== DATA SUPPLIED

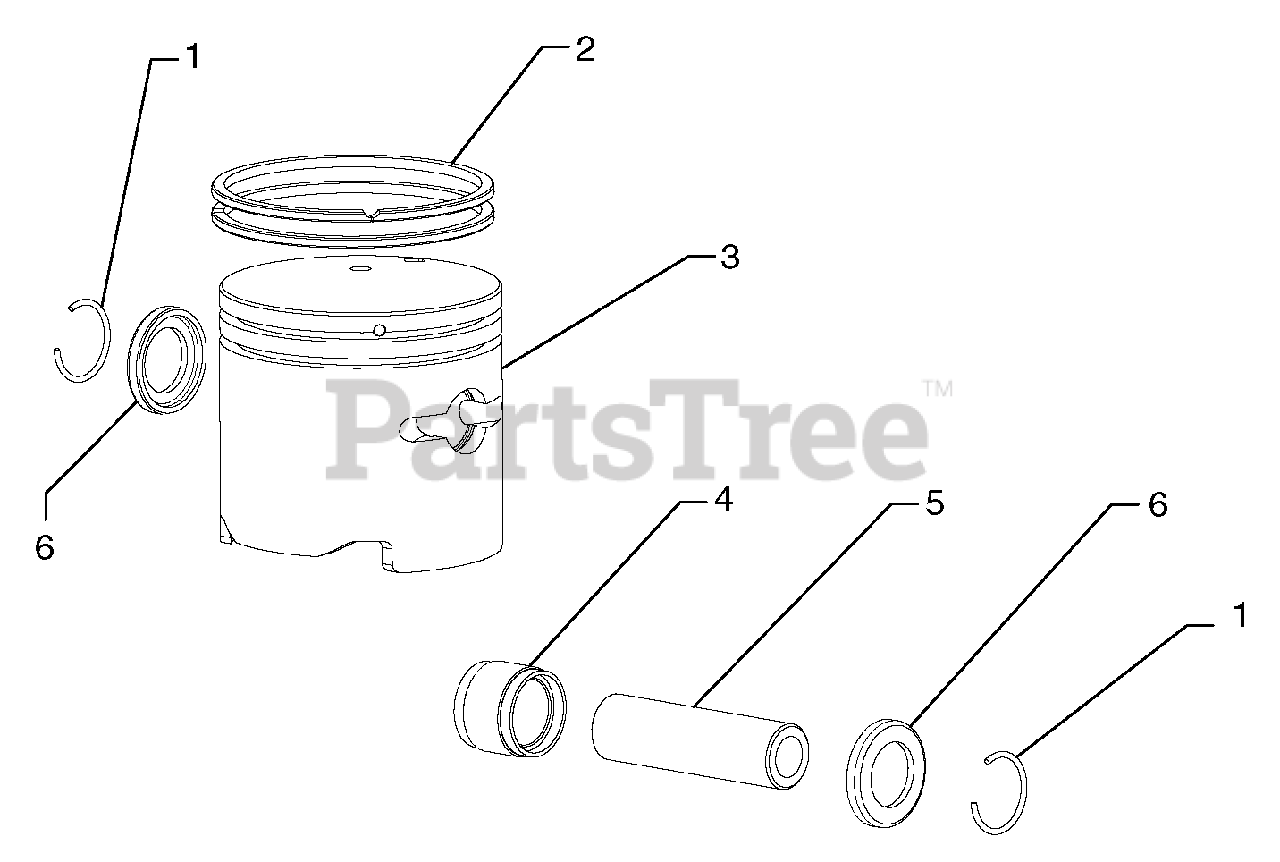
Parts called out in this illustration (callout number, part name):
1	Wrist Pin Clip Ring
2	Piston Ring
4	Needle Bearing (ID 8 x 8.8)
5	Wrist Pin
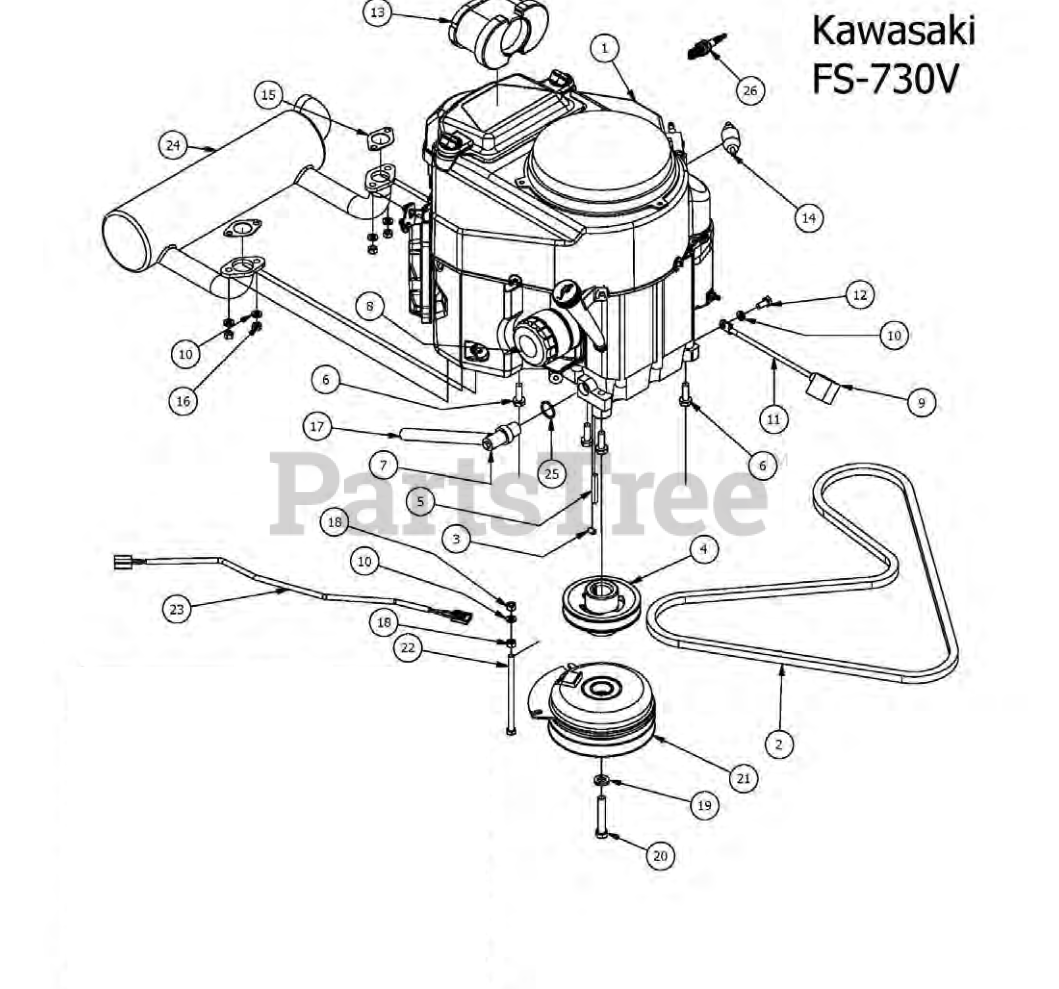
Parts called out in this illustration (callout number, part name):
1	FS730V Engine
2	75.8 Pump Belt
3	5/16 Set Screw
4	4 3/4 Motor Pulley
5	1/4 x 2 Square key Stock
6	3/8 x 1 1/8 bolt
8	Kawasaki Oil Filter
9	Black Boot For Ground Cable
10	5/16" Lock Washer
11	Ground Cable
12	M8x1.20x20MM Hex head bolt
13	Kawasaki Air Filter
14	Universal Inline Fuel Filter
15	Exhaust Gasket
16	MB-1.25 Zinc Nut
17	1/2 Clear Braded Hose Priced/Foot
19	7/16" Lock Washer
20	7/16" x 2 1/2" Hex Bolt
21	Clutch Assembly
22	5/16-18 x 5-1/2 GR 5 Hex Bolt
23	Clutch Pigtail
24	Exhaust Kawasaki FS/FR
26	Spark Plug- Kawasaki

====

> **AIM OF THE EXERCISE**
The answer must be every line from the records above that contains "Cable".

> **EXERCISE RESULT**
9	Black Boot For Ground Cable
11	Ground Cable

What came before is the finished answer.